> **ACTIVITY**:
Your answer should be the lines of the listing that contain the word "color".

> **MATERIALS PROVIDED**:
▬▬▬▬▬▬▬▬▬▬

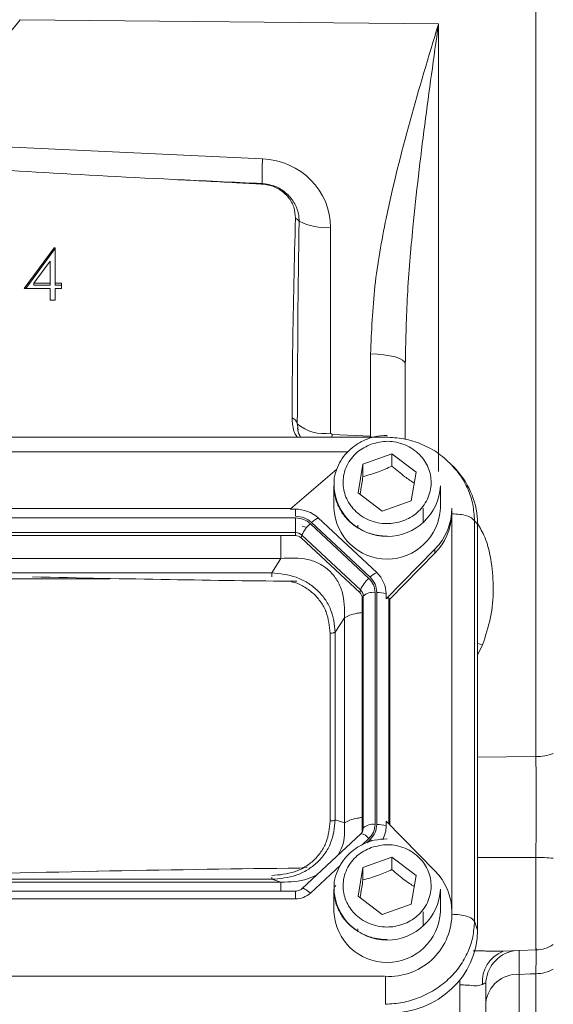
# Model space of a CAD drawing. Header units: inches. Extents: x 0.3 to 33.9, y 0.2 to 21.6.
# Tile 12 of 25: x 23.4 to 25.2, y 7.9 to 11.3. Entities that reach past the tile are written whole.
import ezdxf

# ---------------------------------------------------------------- set-up
doc = ezdxf.new("R2010")
doc.units = ezdxf.units.IN
doc.header["$MEASUREMENT"] = 0
doc.layers.add('SLD-0', color=7, linetype='Continuous', lineweight=15)
doc.styles.add('SLDTEXTSTYLE0', font='TXT', dxfattribs={"width": 0.75})
doc.dimstyles.new('SLDDIMSTYLE0', dxfattribs={"dimtxt": 0.25, "dimasz": 0.13, "dimexe": 0, "dimexo": 0.0625, "dimgap": 0.0625, "dimtad": 0, "dimtih": 1, "dimtoh": 1, "dimrnd": 1e-09, "dimzin": 12, "dimdsep": 46, "dimtxsty": 'SLDTEXTSTYLE0', "dimsah": 1, "dimcen": 0.09, "dimadec": 0, "dimazin": 3, "dimtfac": 1, "dimtofl": 0, "dimtmove": 0, "dimatfit": 3, "dimfxl": 1, "dimfrac": 2, "dimtolj": 1, "dimtzin": 12, "dimarcsym": 0})

# ---------------------------------------------------------------- blocks, each defined once
blk = doc.blocks.new('_D_10')
at = {"layer": 'SLD-0'}
for p, q in [((23.0055, 13.5316), (31.06, 13.5316)), ((30.935, 13.5316), (30.935, 10.1526)), ((30.3636, 9.7786), (30.3128, 9.7786)), ((30.3128, 9.7786), (30.3128, 9.3817)), ((31.5065, 9.7786), (31.5573, 9.7786)), ((31.5573, 9.7786), (31.5573, 9.3817)), ((30.3128, 9.3817), (30.3636, 9.3817)), ((31.5573, 9.3817), (31.5065, 9.3817)), ((30.935, 5.952), (30.935, 9.3309)), ((26.5026, 5.952), (31.06, 5.952))]:
    blk.add_line(p, q, dxfattribs=at)
for points in [[(30.935, 13.5316), (30.915, 13.4016), (30.955, 13.4016)], [(30.935, 5.952), (30.955, 6.082), (30.915, 6.082)]]:
    blk.add_solid(points, dxfattribs=at)
at = {"layer": 'SLD-0', "char_height": 0.25, "attachment_point": 1, "style": 'SLDTEXTSTYLE0'}
for s, insert in [('7.58', (30.5102, 10.1516, -1.544)), ('192.52', (30.4271, 9.704, -1.544))]:
    blk.add_mtext(s, dxfattribs=dict(at, insert=insert))

msp = doc.modelspace()

# ---------------------------------------------------------------- linework, layer by layer
at = {"color": 7, "linetype": 'Continuous', "lineweight": 15}
for p, q in [((25.1597, 8.7387), (25.1597, 12.1645)), ((24.8214, 11.2826), (23.3672, 11.2966)), ((22.9555, 10.8721), (24.2099, 10.8141)), ((24.4464, 10.5748), (24.4464, 9.8619)), ((23.3818, 10.3638), (23.4855, 10.5048)), ((23.3871, 10.3638), (23.4855, 10.4976)), ((23.4855, 10.5048), (23.489, 10.5048)), ((23.4855, 10.4976), (23.4855, 10.5048)), ((23.4855, 10.4976), (23.489, 10.4976)), ((23.489, 10.5048), (23.489, 10.382)), ((23.472, 10.459), (23.4153, 10.382)), ((23.472, 10.382), (23.472, 10.459)), ((23.472, 10.3638), (23.3818, 10.3638)), ((23.4153, 10.382), (23.472, 10.382)), ((23.4153, 10.3748), (23.4153, 10.382)), ((23.4153, 10.3748), (23.472, 10.3748)), ((23.472, 10.3748), (23.472, 10.382)), ((23.472, 10.3229), (23.472, 10.3638)), ((23.489, 10.382), (23.5109, 10.382)), ((23.489, 10.3748), (23.489, 10.382)), ((23.489, 10.3748), (23.5109, 10.3748)), ((23.489, 10.3638), (23.489, 10.3229)), ((23.5109, 10.3638), (23.489, 10.3638)), ((23.5109, 10.382), (23.5109, 10.3638)), ((23.489, 10.3229), (23.472, 10.3229)), ((24.5849, 9.8508), (24.5849, 10.1364)), ((24.706, 10.1153), (24.7055, 10.102)), ((24.7055, 10.102), (24.7055, 9.8399)), ((24.3307, 9.8935), (24.3323, 9.8789)), ((24.3326, 9.8795), (24.3337, 9.8718)), ((24.6369, 9.8477), (21.2732, 9.8477)), ((24.4464, 9.8619), (24.4512, 9.857)), ((24.4512, 9.857), (24.5849, 9.8508)), ((24.5586, 9.7538), (24.6594, 9.79)), ((24.6594, 9.79), (24.7434, 9.7265)), ((24.6594, 9.79), (24.6594, 9.747)), ((24.5417, 9.6542), (24.5586, 9.7538)), ((24.5586, 9.7108), (24.5586, 9.7538)), ((24.8708, 9.7453), (24.8658, 9.7511)), ((24.8833, 9.7338), (24.8719, 9.7463)), ((24.4683, 9.7366), (24.3059, 9.5977)), ((24.7434, 9.7265), (24.7265, 9.6269)), ((24.4575, 9.6789), (24.4575, 9.6008)), ((24.8275, 9.6008), (24.8275, 9.6789)), ((24.6256, 9.5908), (24.5417, 9.6542)), ((24.7265, 9.6269), (24.6256, 9.5908)), ((24.3086, 9.6), (21.6015, 9.6)), ((24.3059, 9.5977), (24.3238, 9.5977)), ((24.3238, 9.5977), (24.3238, 9.5731)), ((24.7675, 9.5516), (24.7675, 9.6008)), ((24.8675, 9.5865), (24.8675, 9.6008)), ((24.8675, 9.5812), (24.8675, 9.5865)), ((24.3238, 9.5674), (21.5863, 9.5674)), ((24.3238, 9.5163), (24.3238, 9.5674)), ((24.3632, 9.5335), (24.3474, 9.5386)), ((24.5793, 9.3574), (24.376, 9.5471)), ((24.5837, 9.3614), (24.3804, 9.5512)), ((24.6064, 9.3773), (24.4031, 9.567)), ((24.541, 9.5417), (24.5413, 9.5343)), ((24.9461, 8.1676), (24.9461, 9.5575)), ((24.9565, 9.5461), (24.9461, 9.5575)), ((24.9565, 8.1368), (24.9565, 9.5461)), ((24.3238, 9.5163), (21.5863, 9.5163)), ((24.3238, 9.5057), (21.5863, 9.5057)), ((24.3238, 9.5057), (24.3238, 9.5163)), ((24.3443, 9.4978), (24.3468, 9.5074)), ((24.5501, 9.3176), (24.3468, 9.5074)), ((24.5475, 9.308), (24.3443, 9.4978)), ((24.6393, 9.2865), (24.8084, 9.4589)), ((24.652, 9.2852), (24.8084, 9.4445)), ((24.8084, 9.4589), (24.8084, 9.4445)), ((24.2736, 9.4267), (21.6365, 9.4267)), ((24.2416, 9.3769), (24.2736, 9.4267)), ((24.2416, 9.3769), (21.6685, 9.3769)), ((24.5475, 9.308), (24.5501, 9.3176)), ((24.556, 9.2888), (24.5596, 9.2961)), ((24.5596, 8.491), (24.5596, 9.2961)), ((24.601, 8.5034), (24.601, 9.3086)), ((24.6071, 8.5034), (24.6071, 9.3086)), ((24.6393, 9.2865), (24.6393, 9.3032)), ((24.556, 8.4837), (24.556, 9.2888)), ((24.652, 9.2852), (24.6485, 9.2888)), ((24.652, 8.5017), (24.652, 9.2852)), ((24.4624, 9.1707), (24.4945, 9.2205)), ((24.4945, 8.509), (24.4945, 9.2205)), ((24.4442, 8.5153), (24.4442, 9.167)), ((24.4624, 8.519), (24.4624, 9.1707)), ((24.4624, 8.519), (24.4945, 8.509)), ((24.6393, 8.5147), (24.6393, 8.498)), ((24.8084, 8.3423), (24.6393, 8.5147)), ((24.5566, 8.4781), (24.5518, 8.4709)), ((24.556, 8.4837), (24.5596, 8.491)), ((24.5564, 8.4778), (24.556, 8.477)), ((24.5507, 8.4702), (24.3474, 8.2805)), ((24.5586, 8.3535), (24.6594, 8.3896)), ((24.6594, 8.3896), (24.7434, 8.3261)), ((24.6594, 8.3896), (24.6594, 8.3466)), ((23.6382, 8.341), (23.6095, 8.3404)), ((24.3653, 8.3546), (24.338, 8.3516)), ((24.5417, 8.2539), (24.5586, 8.3535)), ((24.5586, 8.3105), (24.5586, 8.3535)), ((21.6685, 8.3128), (24.2416, 8.3128)), ((24.2736, 8.3028), (24.2416, 8.3128)), ((24.7434, 8.3261), (24.7265, 8.2266)), ((24.3238, 8.2715), (21.5863, 8.2715)), ((21.6365, 8.3028), (24.2736, 8.3028)), ((24.4575, 8.2785), (24.4575, 8.2004)), ((24.4586, 8.286), (24.464, 8.291)), ((24.8275, 8.2004), (24.8275, 8.2785)), ((21.5863, 8.2446), (24.3238, 8.2446)), ((24.6256, 8.1904), (24.5417, 8.2539)), ((24.7265, 8.2266), (24.6256, 8.1904)), ((24.7675, 8.1512), (24.7675, 8.2004)), ((24.8675, 8.1861), (24.8675, 8.2004)), ((24.541, 8.1413), (24.5413, 8.134)), ((24.9461, 8.1676), (24.9565, 8.1368)), ((25.0454, 8.0636), (25.1597, 8.0676)), ((21.2765, 7.9762), (24.6336, 7.9762)), ((24.8955, 7.9636), (24.8955, 7.9548)), ((25.1014, 7.9829), (25.1014, 7.4962)), ((24.8955, 7.8146), (24.8955, 7.9548)), ((24.9855, 7.9483), (24.9855, 6.7436))]:
    msp.add_line(p, q, dxfattribs=at)
at = {"color": 8, "linetype": 'Continuous', "lineweight": 15}
for p, q in [((24.8214, 11.2826), (24.8214, 9.7283)), ((24.4512, 9.857), (24.4508, 9.8477)), ((24.5849, 9.8508), (24.5848, 9.8477)), ((24.5059, 9.7963), (21.3497, 9.7963)), ((24.8674, 8.2088), (24.8674, 9.5781)), ((23.6794, 9.3562), (22.2317, 9.3562)), ((24.6485, 8.5053), (24.6485, 9.2888)), ((24.9745, 9.1266), (24.9565, 9.0913)), ((24.9565, 8.7366), (25.1597, 8.7387)), ((24.5561, 8.4329), (24.5793, 8.4546)), ((24.5719, 8.4396), (24.5837, 8.4506)), ((25.1597, 8.3886), (24.9565, 8.3885)), ((25.1597, 8.0676), (25.1597, 8.3886)), ((24.376, 8.2648), (24.4806, 8.3624)), ((24.3238, 8.2446), (24.3238, 8.2715)), ((25.1597, 7.4486), (25.1597, 7.985))]:
    msp.add_line(p, q, dxfattribs=at)
at = {"color": 7, "linetype": 'Continuous', "lineweight": 15, "flags": 128}
for points in [[(24.5849, 10.1364), (24.6087, 10.1356), (24.6314, 10.1335), (24.6522, 10.1302), (24.6705, 10.1259), (24.6854, 10.1208), (24.6964, 10.1149), (24.7032, 10.1086), (24.7055, 10.102)], [(24.5518, 8.4709), (24.5514, 8.4707), (24.5507, 8.4702)], [(25.1597, 7.985), (25.1398, 7.9843), (25.1014, 7.9829)]]:
    msp.add_lwpolyline(points, dxfattribs=at)
at = {"color": 8, "linetype": 'Continuous', "lineweight": 15, "flags": 128}
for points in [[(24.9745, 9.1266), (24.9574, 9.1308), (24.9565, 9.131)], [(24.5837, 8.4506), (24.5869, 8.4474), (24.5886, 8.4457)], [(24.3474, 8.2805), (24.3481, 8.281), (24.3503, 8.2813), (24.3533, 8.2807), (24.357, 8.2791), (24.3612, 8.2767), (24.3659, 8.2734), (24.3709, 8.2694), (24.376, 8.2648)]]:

▬▬▬▬▬▬▬▬▬▬

> **FINISHED TASK**:
doc.layers.add('SLD-0', color=7, linetype='Continuous', lineweight=15)
at = {"color": 7, "linetype": 'Continuous', "lineweight": 15}
at = {"color": 8, "linetype": 'Continuous', "lineweight": 15}
at = {"color": 7, "linetype": 'Continuous', "lineweight": 15, "flags": 128}
at = {"color": 8, "linetype": 'Continuous', "lineweight": 15, "flags": 128}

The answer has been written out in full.